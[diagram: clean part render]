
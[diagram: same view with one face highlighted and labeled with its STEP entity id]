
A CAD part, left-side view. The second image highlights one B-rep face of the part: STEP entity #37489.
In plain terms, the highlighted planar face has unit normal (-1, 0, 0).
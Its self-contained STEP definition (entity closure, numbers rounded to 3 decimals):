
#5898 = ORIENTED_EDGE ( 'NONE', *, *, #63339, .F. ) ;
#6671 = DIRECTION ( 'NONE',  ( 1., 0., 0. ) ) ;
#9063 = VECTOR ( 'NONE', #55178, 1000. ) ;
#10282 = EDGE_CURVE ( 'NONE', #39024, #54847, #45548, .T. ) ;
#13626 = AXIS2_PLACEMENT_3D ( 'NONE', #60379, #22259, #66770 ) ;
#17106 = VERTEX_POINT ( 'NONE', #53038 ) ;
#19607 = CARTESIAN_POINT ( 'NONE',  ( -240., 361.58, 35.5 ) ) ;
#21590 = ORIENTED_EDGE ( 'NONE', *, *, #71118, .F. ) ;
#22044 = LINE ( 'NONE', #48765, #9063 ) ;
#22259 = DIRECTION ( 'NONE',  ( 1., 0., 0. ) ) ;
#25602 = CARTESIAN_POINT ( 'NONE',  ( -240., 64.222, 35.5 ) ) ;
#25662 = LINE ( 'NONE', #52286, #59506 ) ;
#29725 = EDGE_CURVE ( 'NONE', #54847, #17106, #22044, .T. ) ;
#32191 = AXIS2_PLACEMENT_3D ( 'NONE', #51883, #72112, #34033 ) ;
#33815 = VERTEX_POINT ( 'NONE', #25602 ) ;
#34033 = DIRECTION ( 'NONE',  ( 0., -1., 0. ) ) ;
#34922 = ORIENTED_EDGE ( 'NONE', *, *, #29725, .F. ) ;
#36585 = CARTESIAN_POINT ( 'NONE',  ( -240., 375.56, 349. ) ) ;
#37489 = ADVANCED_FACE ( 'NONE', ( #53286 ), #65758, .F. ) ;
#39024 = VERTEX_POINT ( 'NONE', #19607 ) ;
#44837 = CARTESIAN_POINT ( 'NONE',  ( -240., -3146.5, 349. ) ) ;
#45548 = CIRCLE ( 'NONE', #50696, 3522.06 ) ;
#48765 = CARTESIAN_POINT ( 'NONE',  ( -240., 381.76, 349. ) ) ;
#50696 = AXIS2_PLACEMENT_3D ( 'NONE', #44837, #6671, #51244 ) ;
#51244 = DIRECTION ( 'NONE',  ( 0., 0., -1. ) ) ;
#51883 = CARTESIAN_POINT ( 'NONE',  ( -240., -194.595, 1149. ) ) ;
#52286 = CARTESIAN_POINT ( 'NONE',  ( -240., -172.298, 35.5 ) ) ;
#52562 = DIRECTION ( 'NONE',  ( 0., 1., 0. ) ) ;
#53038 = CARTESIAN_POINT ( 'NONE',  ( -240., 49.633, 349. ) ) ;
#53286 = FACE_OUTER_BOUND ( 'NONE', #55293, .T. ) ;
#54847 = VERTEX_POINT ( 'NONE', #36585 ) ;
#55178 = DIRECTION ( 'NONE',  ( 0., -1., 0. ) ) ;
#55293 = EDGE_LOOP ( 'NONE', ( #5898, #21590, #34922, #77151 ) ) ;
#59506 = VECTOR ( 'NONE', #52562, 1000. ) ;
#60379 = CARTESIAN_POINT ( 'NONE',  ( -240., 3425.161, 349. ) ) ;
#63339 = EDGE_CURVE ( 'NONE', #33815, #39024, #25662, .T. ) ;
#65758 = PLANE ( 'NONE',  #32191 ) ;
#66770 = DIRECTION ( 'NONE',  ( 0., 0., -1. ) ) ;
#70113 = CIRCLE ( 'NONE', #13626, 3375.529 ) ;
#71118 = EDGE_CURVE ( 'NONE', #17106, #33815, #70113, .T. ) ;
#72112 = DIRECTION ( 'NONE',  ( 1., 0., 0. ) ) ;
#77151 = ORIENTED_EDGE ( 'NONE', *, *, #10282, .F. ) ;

☆ ☆ ☆ ☆ ☆

Exercise goal -> Filter the listing down to the lines holding the word "highlighted", and return those.

Solution for this task ->
[diagram: same view with one face highlighted and labeled with its STEP entity id]
In plain terms, the highlighted planar face has unit normal (-1, 0, 0).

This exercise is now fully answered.